EXERCISE OBJECTIVE -
When you reach the line containing "L3_SIGNAL w0.089: v1(32.88,20.56)" in the data below, begin returning lines exactly as written, and stop once the line containing "CSI_CLKP: length 25.4" has been returned.

SUPPLIED ENTRIES -
___
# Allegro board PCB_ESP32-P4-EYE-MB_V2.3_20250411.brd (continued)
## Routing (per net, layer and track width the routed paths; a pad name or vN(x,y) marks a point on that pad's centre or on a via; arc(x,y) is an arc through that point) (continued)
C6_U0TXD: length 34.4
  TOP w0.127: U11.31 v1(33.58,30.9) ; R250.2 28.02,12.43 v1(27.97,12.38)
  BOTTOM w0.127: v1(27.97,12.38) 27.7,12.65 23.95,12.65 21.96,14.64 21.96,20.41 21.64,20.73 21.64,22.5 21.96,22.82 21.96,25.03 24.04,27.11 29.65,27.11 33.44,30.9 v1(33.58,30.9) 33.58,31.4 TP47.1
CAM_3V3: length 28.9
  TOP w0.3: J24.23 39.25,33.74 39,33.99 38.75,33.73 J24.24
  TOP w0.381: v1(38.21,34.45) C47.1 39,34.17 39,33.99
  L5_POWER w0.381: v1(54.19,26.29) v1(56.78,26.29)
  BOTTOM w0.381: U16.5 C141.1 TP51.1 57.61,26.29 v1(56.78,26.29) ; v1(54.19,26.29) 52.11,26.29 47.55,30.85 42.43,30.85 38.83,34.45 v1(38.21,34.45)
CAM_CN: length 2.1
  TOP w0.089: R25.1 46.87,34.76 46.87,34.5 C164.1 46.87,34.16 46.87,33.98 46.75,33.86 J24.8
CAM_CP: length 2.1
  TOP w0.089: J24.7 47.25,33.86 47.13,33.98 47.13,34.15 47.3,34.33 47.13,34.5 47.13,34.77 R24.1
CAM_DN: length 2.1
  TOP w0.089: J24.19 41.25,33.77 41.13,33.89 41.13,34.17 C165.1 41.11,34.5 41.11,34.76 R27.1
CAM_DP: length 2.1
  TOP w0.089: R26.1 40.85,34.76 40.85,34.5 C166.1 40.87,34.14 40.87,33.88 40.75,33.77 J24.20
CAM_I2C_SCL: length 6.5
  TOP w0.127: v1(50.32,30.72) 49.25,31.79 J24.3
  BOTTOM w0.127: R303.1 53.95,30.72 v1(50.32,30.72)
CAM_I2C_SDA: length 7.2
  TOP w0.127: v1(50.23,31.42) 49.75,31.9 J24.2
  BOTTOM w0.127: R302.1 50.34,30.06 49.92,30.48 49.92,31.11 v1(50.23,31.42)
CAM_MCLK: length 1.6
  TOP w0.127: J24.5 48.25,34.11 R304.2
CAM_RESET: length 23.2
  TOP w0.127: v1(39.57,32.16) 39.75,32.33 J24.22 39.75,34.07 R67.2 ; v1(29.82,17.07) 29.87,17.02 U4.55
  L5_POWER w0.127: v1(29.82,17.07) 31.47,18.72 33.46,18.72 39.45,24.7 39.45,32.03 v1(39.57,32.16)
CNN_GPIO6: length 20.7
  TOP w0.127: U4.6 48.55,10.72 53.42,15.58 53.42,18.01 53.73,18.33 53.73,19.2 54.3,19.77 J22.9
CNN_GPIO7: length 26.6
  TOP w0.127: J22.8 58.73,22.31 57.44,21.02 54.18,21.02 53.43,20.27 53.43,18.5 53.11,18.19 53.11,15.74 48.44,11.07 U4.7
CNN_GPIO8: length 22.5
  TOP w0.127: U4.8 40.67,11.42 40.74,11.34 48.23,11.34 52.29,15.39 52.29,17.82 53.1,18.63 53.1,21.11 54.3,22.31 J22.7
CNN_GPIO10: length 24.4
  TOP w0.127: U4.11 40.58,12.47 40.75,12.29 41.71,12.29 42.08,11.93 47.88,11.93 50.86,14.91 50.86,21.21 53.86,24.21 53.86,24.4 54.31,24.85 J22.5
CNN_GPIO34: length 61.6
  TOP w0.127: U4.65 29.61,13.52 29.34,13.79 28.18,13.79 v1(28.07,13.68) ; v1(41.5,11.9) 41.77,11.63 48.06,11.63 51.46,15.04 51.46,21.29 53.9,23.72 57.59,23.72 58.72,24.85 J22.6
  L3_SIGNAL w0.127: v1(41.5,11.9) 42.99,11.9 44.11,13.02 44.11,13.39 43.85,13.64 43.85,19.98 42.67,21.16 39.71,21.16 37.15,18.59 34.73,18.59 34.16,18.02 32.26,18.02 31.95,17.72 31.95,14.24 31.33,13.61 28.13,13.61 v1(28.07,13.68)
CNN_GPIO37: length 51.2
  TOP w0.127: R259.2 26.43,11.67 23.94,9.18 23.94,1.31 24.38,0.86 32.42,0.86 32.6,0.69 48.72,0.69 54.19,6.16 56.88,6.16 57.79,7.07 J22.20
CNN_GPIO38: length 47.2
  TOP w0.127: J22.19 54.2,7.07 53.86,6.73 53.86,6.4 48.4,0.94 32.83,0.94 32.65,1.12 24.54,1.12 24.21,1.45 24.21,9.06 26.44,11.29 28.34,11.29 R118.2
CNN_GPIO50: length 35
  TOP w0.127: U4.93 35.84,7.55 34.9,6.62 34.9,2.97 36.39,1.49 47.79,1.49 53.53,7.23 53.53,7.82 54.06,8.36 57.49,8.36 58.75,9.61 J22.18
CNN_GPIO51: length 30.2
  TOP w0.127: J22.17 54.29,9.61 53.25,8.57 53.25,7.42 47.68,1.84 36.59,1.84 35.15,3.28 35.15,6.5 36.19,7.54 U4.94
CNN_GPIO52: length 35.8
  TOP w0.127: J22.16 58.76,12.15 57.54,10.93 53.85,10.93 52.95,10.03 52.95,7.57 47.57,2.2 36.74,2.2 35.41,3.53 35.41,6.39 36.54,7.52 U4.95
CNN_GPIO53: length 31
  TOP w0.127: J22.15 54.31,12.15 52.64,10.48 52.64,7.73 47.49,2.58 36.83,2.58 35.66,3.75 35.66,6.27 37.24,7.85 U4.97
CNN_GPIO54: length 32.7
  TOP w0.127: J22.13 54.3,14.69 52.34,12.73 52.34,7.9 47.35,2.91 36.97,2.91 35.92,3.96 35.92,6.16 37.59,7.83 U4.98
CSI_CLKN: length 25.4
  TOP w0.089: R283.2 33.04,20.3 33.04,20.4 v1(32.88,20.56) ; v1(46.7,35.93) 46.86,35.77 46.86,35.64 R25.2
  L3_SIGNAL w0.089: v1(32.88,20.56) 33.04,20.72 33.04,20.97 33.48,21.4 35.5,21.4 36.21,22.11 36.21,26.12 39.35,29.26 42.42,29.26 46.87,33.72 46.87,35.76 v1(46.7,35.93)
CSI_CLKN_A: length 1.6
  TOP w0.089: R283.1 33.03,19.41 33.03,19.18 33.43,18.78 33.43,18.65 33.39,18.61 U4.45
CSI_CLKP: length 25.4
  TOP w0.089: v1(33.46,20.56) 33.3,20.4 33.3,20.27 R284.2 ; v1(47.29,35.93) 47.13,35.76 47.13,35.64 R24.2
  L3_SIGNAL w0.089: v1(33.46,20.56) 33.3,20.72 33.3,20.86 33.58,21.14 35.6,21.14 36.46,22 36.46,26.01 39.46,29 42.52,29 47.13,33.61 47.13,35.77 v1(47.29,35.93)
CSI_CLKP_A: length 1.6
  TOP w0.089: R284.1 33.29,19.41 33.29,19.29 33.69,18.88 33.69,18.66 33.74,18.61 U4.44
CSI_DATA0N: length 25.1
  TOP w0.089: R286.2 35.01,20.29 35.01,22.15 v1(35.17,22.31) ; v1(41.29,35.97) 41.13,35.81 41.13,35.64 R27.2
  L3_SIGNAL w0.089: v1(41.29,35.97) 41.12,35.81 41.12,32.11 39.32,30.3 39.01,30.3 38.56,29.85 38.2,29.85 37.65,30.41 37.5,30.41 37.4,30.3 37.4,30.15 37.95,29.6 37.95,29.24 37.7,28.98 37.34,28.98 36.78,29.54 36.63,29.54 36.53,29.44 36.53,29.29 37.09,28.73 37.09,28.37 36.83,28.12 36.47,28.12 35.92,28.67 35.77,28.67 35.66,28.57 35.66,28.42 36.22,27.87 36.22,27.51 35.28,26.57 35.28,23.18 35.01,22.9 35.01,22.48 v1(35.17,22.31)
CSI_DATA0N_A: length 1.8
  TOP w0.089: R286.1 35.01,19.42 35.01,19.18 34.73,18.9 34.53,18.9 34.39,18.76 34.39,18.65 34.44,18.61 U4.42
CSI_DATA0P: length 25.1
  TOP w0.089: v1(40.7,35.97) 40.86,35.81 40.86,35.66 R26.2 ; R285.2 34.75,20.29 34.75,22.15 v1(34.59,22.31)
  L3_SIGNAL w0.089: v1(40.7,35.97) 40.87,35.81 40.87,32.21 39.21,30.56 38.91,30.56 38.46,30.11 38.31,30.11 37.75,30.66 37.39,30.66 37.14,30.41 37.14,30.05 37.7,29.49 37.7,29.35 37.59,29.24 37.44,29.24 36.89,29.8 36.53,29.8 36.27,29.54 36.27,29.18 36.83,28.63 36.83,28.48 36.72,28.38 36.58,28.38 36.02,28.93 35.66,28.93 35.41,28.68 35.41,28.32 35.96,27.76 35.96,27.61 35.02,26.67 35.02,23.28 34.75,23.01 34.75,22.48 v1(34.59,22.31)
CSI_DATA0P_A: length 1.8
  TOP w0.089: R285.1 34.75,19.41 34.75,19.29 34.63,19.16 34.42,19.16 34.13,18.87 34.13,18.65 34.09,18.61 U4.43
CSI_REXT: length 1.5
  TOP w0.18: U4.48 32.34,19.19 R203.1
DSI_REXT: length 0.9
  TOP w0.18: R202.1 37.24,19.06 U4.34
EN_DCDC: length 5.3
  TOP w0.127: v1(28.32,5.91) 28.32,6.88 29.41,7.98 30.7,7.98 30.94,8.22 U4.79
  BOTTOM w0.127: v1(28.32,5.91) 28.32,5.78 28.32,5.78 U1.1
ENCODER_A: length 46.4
___
EXERCISE ANSWER -
  L3_SIGNAL w0.089: v1(32.88,20.56) 33.04,20.72 33.04,20.97 33.48,21.4 35.5,21.4 36.21,22.11 36.21,26.12 39.35,29.26 42.42,29.26 46.87,33.72 46.87,35.76 v1(46.7,35.93)
CSI_CLKN_A: length 1.6
  TOP w0.089: R283.1 33.03,19.41 33.03,19.18 33.43,18.78 33.43,18.65 33.39,18.61 U4.45
CSI_CLKP: length 25.4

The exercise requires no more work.